10. The provisions of the Haryana Act which were considered by the Supreme Court are identical in spirit with the provisions of the Act. In that case : 1981CriLJ1497 the appellant along with three others were convicted and sentenced to imprisonment for life by the Sessions Judge. The appeal was dismissed by the High Court. An appeal was filed before the Supreme Court. The appellant in that case was less than sixteen years at the time he first appeared before the trial court. He was a child within the meaning of the term under Clause (d) of Section 2 of the Haryana Children Act, 1974. In that Act, child has been defined as to mean a boy who has not attained the age of sixteen years or a girl who has not attained the age of eighteen years. It can be noted that the definition of child in the Kerala Children Act, 1972, is identical with the definition of child in the Haryana Act. Similarly, a delinquent child has been defined as meaning a child who has been found to have committed an offence. Considering the provisions of the Haryana Act, the Supreme Court after finding that the conviction and sentence imposed upon the appellant (child) are unsustainable in view of the provisions of the Act, quashed the entire trial and conviction of the appellant (child). In view of the above decision, we feel certain that the committal orders in this case are illegal and are liable to be quashed.

11. Before leaving the case, we shall also refer to a decision of this Court, 1980 Ker LT 719, (State of Kerala v. Kuriakose). In 1980 Ker LT 719, this Court held that in view of the express prohibition in Section 23 of the Act, 'the charging and trial of the 4th accused, a child coming within the ambit of the Act, along with adult accused by the Court of Session was clearly illegal.' The court quashed the charge framed against the 4th accused who was a child in that case. The Court further directed 'to split up the case and separate the child from the trial of others and proceed with the trial of the other accused in accordance with law from the stage it had already reached.', Kader, J. observed that the learned Sessions Judge would commence the case against the 4th accused afresh and try him separately for the offence alleged to have been committed by him in accordance with the provisions of the Kerala Children Act, 1972. This direction to the Sessions Judge is wrong in principle and law. It is against the ratio of the decision reported in : 1981CriLJ1497 and against the provisions of the Kerala Children Act, 1972, already referred to above. The Supreme Court has categorically said that the trial of juvenile delinquent for offences punishable with death or imprisonment for life or for any offence should be in the form provided in the Act and in accordance with the provisions of the Children Act.
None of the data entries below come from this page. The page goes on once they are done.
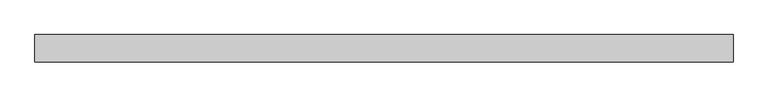
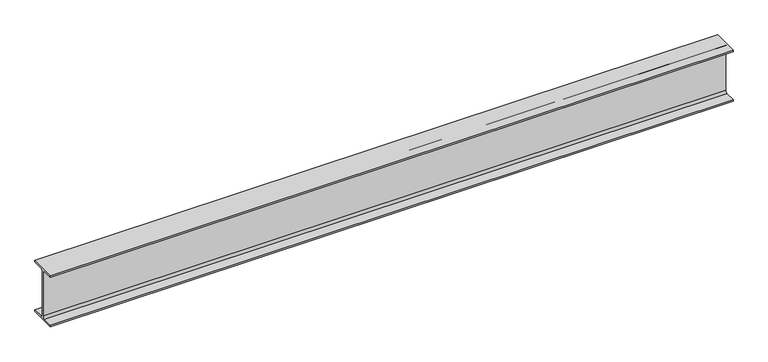
"""IFC4 building model written with IfcOpenShell, lengths in millimetres: beam geometry, 0912_Steel Framing_H-KSD3502 : H_SB_AR_S02_H-300x150x6.5x9_Stair."""

from ifc_helpers import new_model, si_unit, point, frame, frame_2d, origin, place, context, project, spatial, polyline, circle_curve, trimmed, segment, composite_curve, outline, extrude, source, transform, mapped, element, save


def beam_edbab3fa(model_context):
    return source(origin(), model_context, "Body", "SweptSolid", [
        extrude(outline(composite_curve([segment(polyline([(75.0, -141.0), (75.0, -150.0), (-75.0, -150.0), (-75.0, -141.0), (-16.25, -141.0)]), True, "CONTINUOUS"), segment(trimmed(circle_curve(frame_2d((-16.25, -128.0)), 13.0), [point((-16.25, -141.0))], [point((-3.25, -128.0))], True, "CARTESIAN"), True, "CONTINUOUS"), segment(polyline([(-3.25, -128.0), (-3.25, 128.0)]), True, "CONTINUOUS"), segment(trimmed(circle_curve(frame_2d((-16.25, 128.0)), 13.0), [point((-3.25, 128.0))], [point((-16.25, 141.0))], True, "CARTESIAN"), True, "CONTINUOUS"), segment(polyline([(-16.25, 141.0), (-75.0, 141.0), (-75.0, 150.0), (75.0, 150.0), (75.0, 141.0), (16.25, 141.0)]), True, "CONTINUOUS"), segment(trimmed(circle_curve(frame_2d((16.25, 128.0)), 13.0), [point((16.25, 141.0))], [point((3.25, 128.0))], True, "CARTESIAN"), True, "CONTINUOUS"), segment(polyline([(3.25, 128.0), (3.25, -128.0)]), True, "CONTINUOUS"), segment(trimmed(circle_curve(frame_2d((16.25, -128.0)), 13.0), [point((3.25, -128.0))], [point((16.25, -141.0))], True, "CARTESIAN"), True, "CONTINUOUS"), segment(polyline([(16.25, -141.0), (75.0, -141.0)]), True, "CONTINUOUS")], self_intersect=False)), frame((-1899.8, 0.0, 0.0), z_axis=(1.0, 0.0, 0.0), x_axis=(0.0, 1.0, 0.0)), (0.0, 0.0, 1.0), 3799.6),
    ])


if __name__ == "__main__":
    model = new_model("IFC4")
    model_context = context("Model", 3, world=origin())
    ifc_project = project(units=[si_unit("LENGTHUNIT", "METRE", prefix="MILLI")], contexts=[model_context])
    site = spatial("IfcSite", under=ifc_project)
    building = spatial("IfcBuilding", under=site)
    placement = place(None, origin())
    beam_shape = beam_edbab3fa(model_context)
    element("IfcBeam", 1, ObjectType="0912_Steel Framing_H-KSD3502 : H_SB_AR_S02_H-300x150x6.5x9_Stair", at=placement, inside=building, context=model_context, shape_type="MappedRepresentation", body=[
        mapped(beam_shape, transform((0.0, 0.0, 0.0), x_axis=(1.0, 0.0, 0.0), y_axis=(0.0, 1.0, 0.0), z_axis=(0.0, 0.0, 1.0))),
    ])
    save(model, "model.ifc")

# Revit data of these elements
# Type "0912_Steel Framing_H-KSD3502 : H_SB_AR_S02_H-300x150x6.5x9_Stair"
#   H_Q'ty Cal Type Tag = "SB-Q2"
#   H_WM Code_1 = "S01AA073-00001 |  | TON | Main Steel Structure Fabrication Work | Shelter/Building | Medium Steel - Standard |  |  |  |  |  |  | Material: (   ) | (90)KG/M>Weight≥(30)KG/M | S01AA073-00001 Main Steel Structure Fabrication Work Shelter/Building Medium Steel - Standard         | - Material: ( ASTM A36 )\n- (90)KG/M>Weight≥(30)KG/M"
#   H_WM Code_2 = "S03AA083-00001 |  | TON | Main Steel Structure Erection Work | Shelter/Building | Medium Steel |  |  |  |  |  |  | Material: (   ) | S03AA083-00001 Main Steel Structure Erection Work Shelter/Building Medium Steel         | - Material: ( ASTM A36 )"
#   H_WM Code_3 = "S01AA009-00001 |  | TON | Main Steel Structure Fabrication Work | Shelter/Building | Plates - Gusset, Stiffener, ETC | Material: (   ) | S01AA009-00001 Main Steel Structure Fabrication Work Shelter/Building Plates - Gusset, Stiffener, ETC         |"
#   H_WM Code_4 = "S41AA051-00001 |  | M2 | Steel Structure Paint Work | Shelter/Building | for Non-Fireproofed Steel Surface |  |  |  |  |  |  | Material: (   ) | S41AA051-00001 Steel Structure Paint Work Shelter/Building for Non-Fireproofed Steel Surface         |"
#   Width = 15.0 cm
#   Web Thickness = 0.65 cm
#   Web Fillet = 1.3 cm
#   Warping Constant = 107000.0 cm⁶
#   W = 0
#   Torsional Moment of Inertia = 9.9539 cm⁴
#   Section Area = 46.78 cm²
#   Plastic Modulus weak axis = 105.0 cm³
#   Plastic Modulus strong axis = 542.0 cm³
#   Perimeter = 1.17 m²/m
#   Nominal Weight = 36.70 kgf/m
#   Moment of Inertia weak axis = 508.00 cm⁴
#   Moment of Inertia strong axis = 7210.00 cm⁴
#   Height = 30.0 cm
#   Flange Thickness = 0.9 cm
#   Elastic Modulus weak axis = 67.7 cm³
#   Elastic Modulus strong axis = 481.0 cm³
#   Centroid Vertical = 15.0 cm
#   Centroid Horizontal = 7.5 cm
#   Ix = 72100000
#   Length [instance default] = 1524 mm
#   Zx = 542000
#   b = 150 mm
#   h = 300 mm
#   r = 13 mm
#   s = 6.5 mm
#   t = 9 mm
#   A = 0.004678 m²
#   Structural Material [instance default] = Steel, 45-345
#   Assembly Code = ""
# Element 1 (IfcBeam, "0912_Steel Framing_H-KSD3502 : H_SB_AR_S02_H-300x150x6.5x9_Stair")
#   Materials on its faces: "Steel, 45-345"
# Materials
#   "Steel, 45-345": class "Metal", colour RGB 189 187 185, transparency 0, Description = "Steel 345 MPa", Cost = 0

12. The learned Judge in 1980 Ker LT 719 did not quash the committal order, but only quashed the charge framed against the 4th accused in that case. This may give rise to a doubt as to whether a Magistrate has power to commit a child offender to the Sessions Court for trial. We make it clear that a Magistrate not empowered to exercise the powers of the Children's Court has no power to deal with a delinquent child. No Magistrate can commit a child offender for a trial before a Sessions Court. He can only refer such a person (child) in accordance with the provisions of the Act to the competent authority.

We end as we began, the committal orders passed by the Judicial Magistrate of First Class, Chalakudy in regard to the child accused, are quashed. The case is sent back to the Magistrate' for appropriate action in accordance with the provisions of the Children Act, 1972.